Мансур приказал моему отцу, который был его астрологом, составить гороскоп, и когда он увидел, что сочетание созвездий благоприятное, сказал об этом халифу. И в тот же день тот отдал приказ отправлять в то селение лучших мастеров со всех городов и стран. А наилучшие знатоки Ибн Артат и Абу Хинифа ибн ан-Нуман составили план города. Но повелитель правоверных захотел увидеть, как город будет выглядеть на самом деле. Тогда он приказал начертить весь город в его истинных размерах пеплом на земле и прошел вдоль всех этих линий. А ночью их обложили хлопком, облили нефтью и подожгли, а повелитель правоверных издали глядел на это. Клянусь Аллахом, это было дивное диво — ведь я тоже был при этом вместе со своим отцом и могу быть свидетелем.
Хасан и его сосед внимательно слушали. Поэт даже закрыл глаза, чтобы лучше представить себе это зрелище, оно, наверно, и вправду было красивым — темное иракское небо и яркие пылающие полосы пропитанного нефтью хлопка, клубящегося черным дымом.
Но тут сосед легонько дернул его за рукав:
— Послушай, брат мой, ты едешь в Багдад явно или скрываешься? Не бойся меня, я тебя не выдам — ведь я тоже поэт и тоже родом из Басры, и меня тоже зовут Хасан. Я-ад-Даххак, по прозвищу аль-Хали — Беспутный. Это прозвище я заслужил и от багдадских ханжей, и от гуляк.
Хасан удивленно спросил:
— Разве ты меня знаешь? И почему думаешь, что я еду в Багдад тайно?
Хасан аль-Хали улыбнулся:
— Ты точно Абу Али ибн Хани, прозванный Абу Нувасом. Я узнал тебя по описанию и по твоим стихам. Люди говорят, что тебя обвинили в ереси и заключили в тюрьму, но ты бежал. Поэтому я спросил тебя.
У Хасана заныло под ложечкой, но он тут же утешил себя: он не говорил ничего особенного, стихи его всегда были вольные, однако до большой беды не доходило. Потом ему стало даже приятно — значит, о нем уже говорят в Багдаде! О своем земляке он слышал множество скандальных историй — написал непристойную сатиру на почтенного человека, избил хозяина лавки, когда тот отказался дать ему вина в долг. Говорили даже, что он — тайный безбожник. Но Хали всегда удавалось избежать наказания — никто не мог найти свидетелей, чтобы доказать обвинение. К тому же он держался далеко от знатных и влиятельных людей и не возбуждал ни в ком зависти, а ведь сказано: «Зависть — мать всякой вражды».

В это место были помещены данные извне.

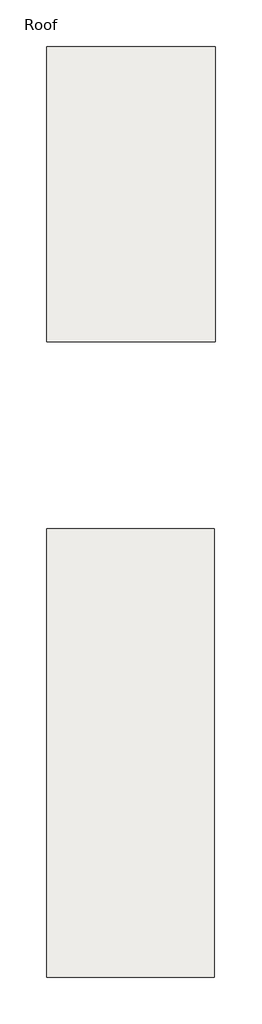
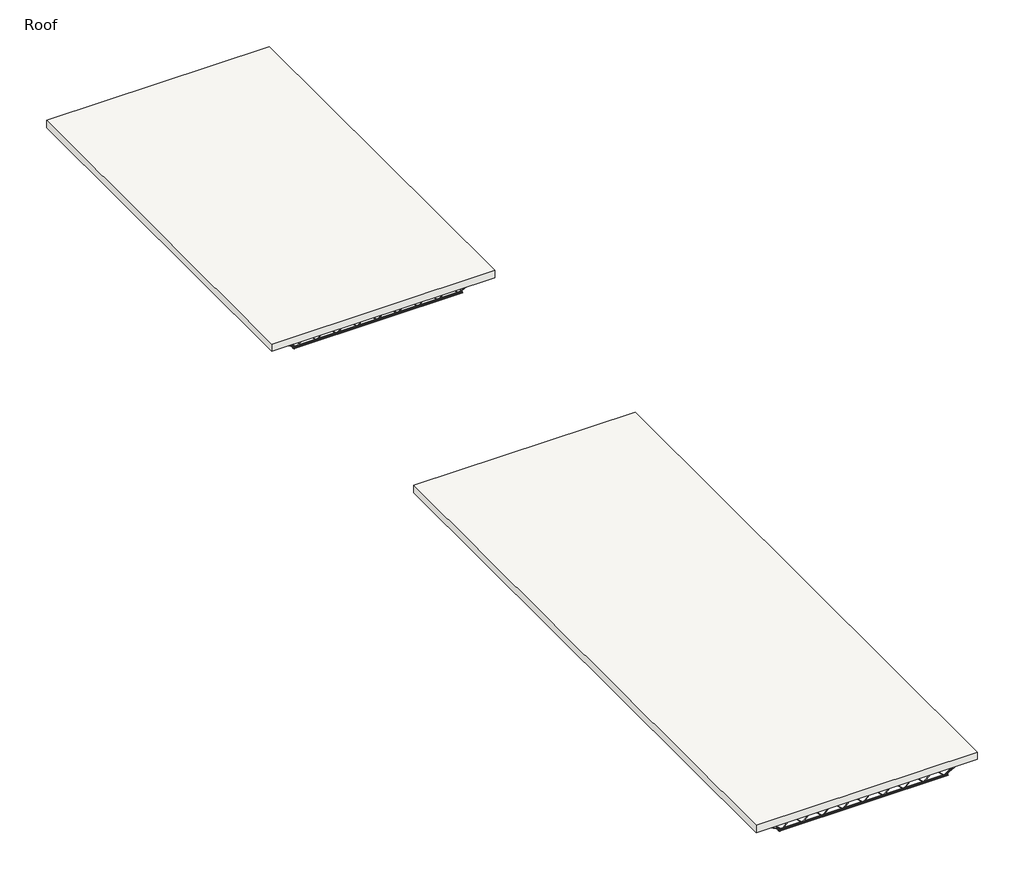
# One storey: 15 beams, 2 roofs.
"""IFC4 building model written with IfcOpenShell, lengths in millimetres."""

import ifcopenshell
import ifcopenshell.guid

model = None  # the IFC model being written
_history = None  # IfcOwnerHistory: only IFC2X3 demands one
_inside = {}  # id of a spatial element -> (the spatial element, [elements in it])
_under = {}  # id of a project, library or spatial element -> (it, [spatial elements below it])
_declared = {}  # id of a project -> (the project, [libraries it declares])
_typed = {}  # id of a type object -> (the type object, [elements of that type])
_made_of = {}  # id of a material, layer set ... -> (it, [elements and type objects made of it])


def new_model(schema):
    """Start an empty IFC model of exactly this schema.

    Asked for "IFC4X3", IfcOpenShell would pick the latest addendum, in which some entities
    have other attributes; the version numbers below select the first issue.
    IFC2X3 requires an IfcOwnerHistory on every rooted entity: one is made here for all.
    """
    global model, _history
    if schema == "IFC4X3":
        model = ifcopenshell.file(schema_version=(4, 3, 0, 0))
    else:
        model = ifcopenshell.file(schema=schema)
    _inside.clear()
    _under.clear()
    _declared.clear()
    _typed.clear()
    _made_of.clear()
    _history = None
    if model.schema == "IFC2X3":
        org = make("IfcOrganization", Name="unknown")
        user = make(
            "IfcPersonAndOrganization",
            ThePerson=make("IfcPerson", FamilyName="unknown"),
            TheOrganization=org,
        )
        app = make(
            "IfcApplication",
            ApplicationDeveloper=org,
            Version="unknown",
            ApplicationFullName="unknown",
            ApplicationIdentifier="unknown",
        )
        _history = make(
            "IfcOwnerHistory",
            OwningUser=user,
            OwningApplication=app,
            ChangeAction="ADDED",
            CreationDate=0,
        )
    return model


def make(cls, **values):
    """One entity of the class cls with the attributes given. An attribute that is None is left unset."""
    return model.create_entity(
        cls, **{name: value for name, value in values.items() if value is not None}
    )


def rooted(cls, **values):
    """An entity with a GlobalId (a new one), such as an element, a storey or a relation."""
    return make(cls, GlobalId=ifcopenshell.guid.new(), OwnerHistory=_history, **values)


def si_unit(unit_type, name, prefix=None):
    """IfcSIUnit, for example si_unit("LENGTHUNIT", "METRE", prefix="MILLI")."""
    return make("IfcSIUnit", UnitType=unit_type, Prefix=prefix, Name=name)


def assignment(units):
    """IfcUnitAssignment: the units of a project."""
    return None if units is None else make("IfcUnitAssignment", Units=units)


def point(xyz):
    """IfcCartesianPoint."""
    return None if xyz is None else make("IfcCartesianPoint", Coordinates=xyz)


def direction(xyz):
    """IfcDirection."""
    return None if xyz is None else make("IfcDirection", DirectionRatios=xyz)


def frame(location, z_axis=None, x_axis=None):
    """IfcAxis2Placement3D, a coordinate frame: its origin and axes. An axis left out is left unset."""
    return make(
        "IfcAxis2Placement3D",
        Location=point(location),
        Axis=direction(z_axis),
        RefDirection=direction(x_axis),
    )


def origin():
    """The frame at (0, 0, 0) with its axes left unset."""
    return frame((0.0, 0.0, 0.0))


def place(relative_to, where):
    """IfcLocalPlacement: puts the frame where relative to a parent placement (None: the world)."""
    return make(
        "IfcLocalPlacement", PlacementRelTo=relative_to, RelativePlacement=where
    )


def context(
    kind, dimensions, precision=None, world=None, true_north=None, identifier=None
):
    """IfcGeometricRepresentationContext, for example the 3D "Model" context."""
    return make(
        "IfcGeometricRepresentationContext",
        ContextIdentifier=identifier,
        ContextType=kind,
        CoordinateSpaceDimension=dimensions,
        Precision=precision,
        WorldCoordinateSystem=world,
        TrueNorth=true_north,
    )


def project(units=None, contexts=None):
    """IfcProject with its units and contexts."""
    return rooted(
        "IfcProject",
        Name="project",
        RepresentationContexts=contexts,
        UnitsInContext=assignment(units),
    )


def spatial(cls, under=None, at=None, **own):
    """A site, building, storey or space (cls), placed at a placement, below another one or the project."""
    s = rooted(cls, ObjectPlacement=at, **own)
    if under is not None:
        _under.setdefault(under.id(), (under, []))[1].append(s)
    return s


def polyline(points):
    """IfcPolyline through the points."""
    return make("IfcPolyline", Points=[point(p) for p in points])


def outline(outer, holes=None, kind="AREA"):
    """IfcArbitraryClosedProfileDef: a profile drawn as a closed curve; with holes, ...WithVoids."""
    if holes is None:
        return make("IfcArbitraryClosedProfileDef", ProfileType=kind, OuterCurve=outer)
    return make(
        "IfcArbitraryProfileDefWithVoids",
        ProfileType=kind,
        OuterCurve=outer,
        InnerCurves=holes,
    )


def extrude(swept, where, along, depth):
    """IfcExtrudedAreaSolid: the profile swept, set in the frame where, extruded along a direction by depth."""
    return make(
        "IfcExtrudedAreaSolid",
        SweptArea=swept,
        Position=where,
        ExtrudedDirection=direction(along),
        Depth=depth,
    )


def shape(context_of_items, identifier, shape_type, items):
    """IfcShapeRepresentation: the items that make up one representation, for example the "Body"."""
    return make(
        "IfcShapeRepresentation",
        ContextOfItems=context_of_items,
        RepresentationIdentifier=identifier,
        RepresentationType=shape_type,
        Items=items,
    )


def source(mapping_origin, context_of_items, identifier, shape_type, items):
    """IfcRepresentationMap: a shape defined once, which mapped items show again and again."""
    return make(
        "IfcRepresentationMap",
        MappingOrigin=mapping_origin,
        MappedRepresentation=shape(context_of_items, identifier, shape_type, items),
    )


def transform(
    local_origin,
    x_axis=None,
    y_axis=None,
    z_axis=None,
    scale=None,
    scale2=None,
    scale3=None,
    uniform=True,
):
    """IfcCartesianTransformationOperator3D, or its non-uniform kind. x_axis, y_axis, z_axis: its Axis1, 2, 3."""
    if uniform:
        return make(
            "IfcCartesianTransformationOperator3D",
            Axis1=direction(x_axis),
            Axis2=direction(y_axis),
            LocalOrigin=point(local_origin),
            Scale=scale,
            Axis3=direction(z_axis),
        )
    return make(
        "IfcCartesianTransformationOperator3DnonUniform",
        Axis1=direction(x_axis),
        Axis2=direction(y_axis),
        LocalOrigin=point(local_origin),
        Scale=scale,
        Axis3=direction(z_axis),
        Scale2=scale2,
        Scale3=scale3,
    )


def mapped(mapping_source, mapping_target):
    """IfcMappedItem: shows the shape of a source again, moved by a transform."""
    return make(
        "IfcMappedItem", MappingSource=mapping_source, MappingTarget=mapping_target
    )


def made_of(thing, what):
    """Note that an element or type object is made of a material, layer set ...; save() writes the relation."""
    if what is not None:
        _made_of.setdefault(what.id(), (what, []))[1].append(thing)
    return thing


def element(
    cls,
    number,
    at=None,
    inside=None,
    cuts=None,
    type_object=None,
    material=None,
    context=None,
    identifier="Body",
    shape_type=None,
    held_by="IfcProductDefinitionShape",
    body=None,
    shapes=None,
    **own,
):
    """One element of the class cls, such as IfcWall. Its Tag is "e" and its number.

    at: its placement. inside: the storey or other place that contains it. cuts: it is an
    opening in that element (IfcRelVoidsElement). A single representation is given by context,
    identifier, shape_type and body (its items); several are given by shapes. held_by: the class
    of the entity that holds the representations. save() writes the other relations.
    """
    e = rooted(cls, Tag="e%d" % number, ObjectPlacement=at, **own)
    if body is not None:
        shapes = [shape(context, identifier, shape_type, body)]
    if shapes is not None:
        e.Representation = make(held_by, Representations=shapes)
    if inside is not None:
        _inside.setdefault(inside.id(), (inside, []))[1].append(e)
    if cuts is not None:
        rooted(
            "IfcRelVoidsElement", RelatingBuildingElement=cuts, RelatedOpeningElement=e
        )
    if type_object is not None:
        _typed.setdefault(type_object.id(), (type_object, []))[1].append(e)
    return made_of(e, material)


def aggregate(whole, parts):
    """IfcRelAggregates: a whole, such as a stair, and the parts it consists of."""
    return rooted("IfcRelAggregates", RelatingObject=whole, RelatedObjects=parts)


def save(model, path):
    """Write the relations noted so far, then the file.

    IfcRelAggregates (storeys below a building ...), IfcRelContainedInSpatialStructure (elements
    in a storey), IfcRelDefinesByType, IfcRelAssociatesMaterial and IfcRelDeclares: one each for
    every whole, place, type object, material and project.
    """
    for whole, parts in _under.values():
        aggregate(whole, parts)
    for where, things in _inside.values():
        rooted(
            "IfcRelContainedInSpatialStructure",
            RelatedElements=things,
            RelatingStructure=where,
        )
    for kind, things in _typed.values():
        rooted("IfcRelDefinesByType", RelatedObjects=things, RelatingType=kind)
    for what, things in _made_of.values():
        rooted("IfcRelAssociatesMaterial", RelatedObjects=things, RelatingMaterial=what)
    for by, libraries in _declared.values():
        rooted("IfcRelDeclares", RelatingContext=by, RelatedDefinitions=libraries)
    model.write(path)


def k_series_bar_joist_rod_web_12k5_aa514e25(model_context):
    return source(origin(), model_context, "Body", "SweptSolid", [
        extrude(outline(polyline([(-141.2875, 1209.1080357), (-150.8125, 1209.1080357), (-150.8125, 1214.2369297), (141.2875, 1510.3056797), (141.2875, 1512.7478918), (-150.8125, 1808.8166418), (-150.8125, 1813.9455357), (-141.2875, 1813.9455357), (-141.2875, 1812.7244297), (150.8125, 1516.6556797), (150.8125, 1506.3978918), (-141.2875, 1210.3291418), (-141.2875, 1209.1080357)])), frame((0.0, -4.7625, 0.0), z_axis=(0.0, 1.0, 0.0), x_axis=(0.0, 0.0, 1.0)), (0.0, 0.0, 1.0), 9.525),
        extrude(outline(polyline([(-141.2875, 604.4973214), (-150.8125, 604.4973214), (-150.8125, 609.6262154), (141.2875, 905.6949654), (141.2875, 908.1371775), (-150.8125, 1204.2059275), (-150.8125, 1209.3348214), (-141.2875, 1209.3348214), (-141.2875, 1208.1137154), (150.8125, 912.0449654), (150.8125, 901.7871775), (-141.2875, 605.7184275), (-141.2875, 604.4973214)])), frame((0.0, -4.7625, 0.0), z_axis=(0.0, 1.0, 0.0), x_axis=(0.0, 0.0, 1.0)), (0.0, 0.0, 1.0), 9.525),
        extrude(outline(polyline([(-141.2875, -0.1133929), (-150.8125, -0.1133929), (-150.8125, 5.0155011), (141.2875, 301.0842511), (141.2875, 303.5264632), (-150.8125, 599.5952132), (-150.8125, 604.7241071), (-141.2875, 604.7241071), (-141.2875, 603.5030011), (150.8125, 307.4342511), (150.8125, 297.1764632), (-141.2875, 1.1077132), (-141.2875, -0.1133929)])), frame((0.0, -4.7625, 0.0), z_axis=(0.0, 1.0, 0.0), x_axis=(0.0, 0.0, 1.0)), (0.0, 0.0, 1.0), 9.525),
        extrude(outline(polyline([(-141.2875, -604.7241071), (-150.8125, -604.7241071), (-150.8125, -599.5952132), (141.2875, -303.5264632), (141.2875, -301.0842511), (-150.8125, -5.0155011), (-150.8125, 0.1133929), (-141.2875, 0.1133929), (-141.2875, -1.1077132), (150.8125, -297.1764632), (150.8125, -307.4342511), (-141.2875, -603.5030011), (-141.2875, -604.7241071)])), frame((0.0, -4.7625, 0.0), z_axis=(0.0, 1.0, 0.0), x_axis=(0.0, 0.0, 1.0)), (0.0, 0.0, 1.0), 9.525),
        extrude(outline(polyline([(-141.2875, -1209.3348214), (-150.8125, -1209.3348214), (-150.8125, -1204.2059275), (141.2875, -908.1371775), (141.2875, -905.6949654), (-150.8125, -609.6262154), (-150.8125, -604.4973214), (-141.2875, -604.4973214), (-141.2875, -605.7184275), (150.8125, -901.7871775), (150.8125, -912.0449654), (-141.2875, -1208.1137154), (-141.2875, -1209.3348214)])), frame((0.0, -4.7625, 0.0), z_axis=(0.0, 1.0, 0.0), x_axis=(0.0, 0.0, 1.0)), (0.0, 0.0, 1.0), 9.525),
        extrude(outline(polyline([(-141.2875, -1813.9455357), (-150.8125, -1813.9455357), (-150.8125, -1808.8166418), (141.2875, -1512.7478918), (141.2875, -1510.3056797), (-150.8125, -1214.2369297), (-150.8125, -1209.1080357), (-141.2875, -1209.1080357), (-141.2875, -1210.3291418), (150.8125, -1506.3978918), (150.8125, -1516.6556797), (-141.2875, -1812.7244297), (-141.2875, -1813.9455357)])), frame((0.0, -4.7625, 0.0), z_axis=(0.0, 1.0, 0.0), x_axis=(0.0, 0.0, 1.0)), (0.0, 0.0, 1.0), 9.525),
        extrude(outline(polyline([(-141.2875, 1813.71875), (-150.8125, 1813.71875), (-150.8125, 1818.847644), (141.2875, 2114.916394), (141.2875, 2117.358606), (-150.8125, 2413.427356), (-150.8125, 2418.55625), (-141.2875, 2418.55625), (-141.2875, 2417.335144), (150.8125, 2121.266394), (150.8125, 2111.008606), (-141.2875, 1814.939856), (-141.2875, 1813.71875)])), frame((0.0, -4.7625, 0.0), z_axis=(0.0, 1.0, 0.0), x_axis=(0.0, 0.0, 1.0)), (0.0, 0.0, 1.0), 9.525),
        extrude(outline(polyline([(-141.2875, -2418.55625), (-150.8125, -2418.55625), (-150.8125, -2413.427356), (141.2875, -2117.358606), (141.2875, -2114.916394), (-150.8125, -1818.847644), (-150.8125, -1813.71875), (-141.2875, -1813.71875), (-141.2875, -1814.939856), (150.8125, -2111.008606), (150.8125, -2121.266394), (-141.2875, -2417.335144), (-141.2875, -2418.55625)])), frame((0.0, -4.7625, 0.0), z_axis=(0.0, 1.0, 0.0), x_axis=(0.0, 0.0, 1.0)), (0.0, 0.0, 1.0), 9.525),
        extrude(outline(polyline([(4.7625, 152.4), (36.5125, 152.4), (36.5125, 146.05), (11.1125, 146.05), (11.1125, 120.65), (4.7625, 120.65), (4.7625, 152.4)])), frame((-3028.15625, 0.0, 0.0), z_axis=(1.0, 0.0, 0.0), x_axis=(0.0, 1.0, 0.0)), (0.0, 0.0, 1.0), 6056.3125),
        extrude(outline(polyline([(-4.7625, 152.4), (-4.7625, 120.65), (-11.1125, 120.65), (-11.1125, 146.05), (-36.5125, 146.05), (-36.5125, 152.4), (-4.7625, 152.4)])), frame((-3028.15625, 0.0, 0.0), z_axis=(1.0, 0.0, 0.0), x_axis=(0.0, 1.0, 0.0)), (0.0, 0.0, 1.0), 6056.3125),
        extrude(outline(polyline([(-4.7625, 88.9), (-36.5125, 88.9), (-36.5125, 95.25), (-11.1125, 95.25), (-11.1125, 120.65), (-4.7625, 120.65), (-4.7625, 88.9)])), frame((-3028.15625, 0.0, 0.0), z_axis=(1.0, 0.0, 0.0), x_axis=(0.0, 1.0, 0.0)), (0.0, 0.0, 1.0), 101.6),
        extrude(outline(polyline([(36.5125, 88.9), (4.7625, 88.9), (4.7625, 120.65), (11.1125, 120.65), (11.1125, 95.25), (36.5125, 95.25), (36.5125, 88.9)])), frame((-3028.15625, 0.0, 0.0), z_axis=(1.0, 0.0, 0.0), x_axis=(0.0, 1.0, 0.0)), (0.0, 0.0, 1.0), 101.6),
        extrude(outline(polyline([(4.7625, 88.9), (4.7625, 120.65), (11.1125, 120.65), (11.1125, 95.25), (36.5125, 95.25), (36.5125, 88.9), (4.7625, 88.9)])), frame((2926.55625, 0.0, 0.0), z_axis=(1.0, 0.0, 0.0), x_axis=(0.0, 1.0, 0.0)), (0.0, 0.0, 1.0), 101.6),
        extrude(outline(polyline([(-4.7625, 88.9), (-36.5125, 88.9), (-36.5125, 95.25), (-11.1125, 95.25), (-11.1125, 120.65), (-4.7625, 120.65), (-4.7625, 88.9)])), frame((2926.55625, 0.0, 0.0), z_axis=(1.0, 0.0, 0.0), x_axis=(0.0, 1.0, 0.0)), (0.0, 0.0, 1.0), 101.6),
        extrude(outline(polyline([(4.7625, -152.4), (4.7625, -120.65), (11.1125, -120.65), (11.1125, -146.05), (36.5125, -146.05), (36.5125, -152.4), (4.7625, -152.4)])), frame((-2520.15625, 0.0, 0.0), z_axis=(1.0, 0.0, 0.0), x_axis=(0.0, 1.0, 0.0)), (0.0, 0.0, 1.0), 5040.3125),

Хали, дружелюбно глядя на Хасана, шептал:
— Поедем вместе в Багдад, я познакомлю тебя с лучшими людьми нашего города и его славой — с Абу-ль-Атахией, Ибн Дая, Абу Халсой. Даже если ты и едешь тайно, тебе не найти лучшего убежища, чем среди нас.
Хасан с досадой прервал его:
— Нет, брат мой, я не скрываюсь, и если попадусь в руки стражников или блюстителей правоверия, то только по твоей вине — посмотри, как следит за нами этот скверный старик. Лучше ляжем сейчас, а рано утром отправимся в путь — нам ведь уже недалеко.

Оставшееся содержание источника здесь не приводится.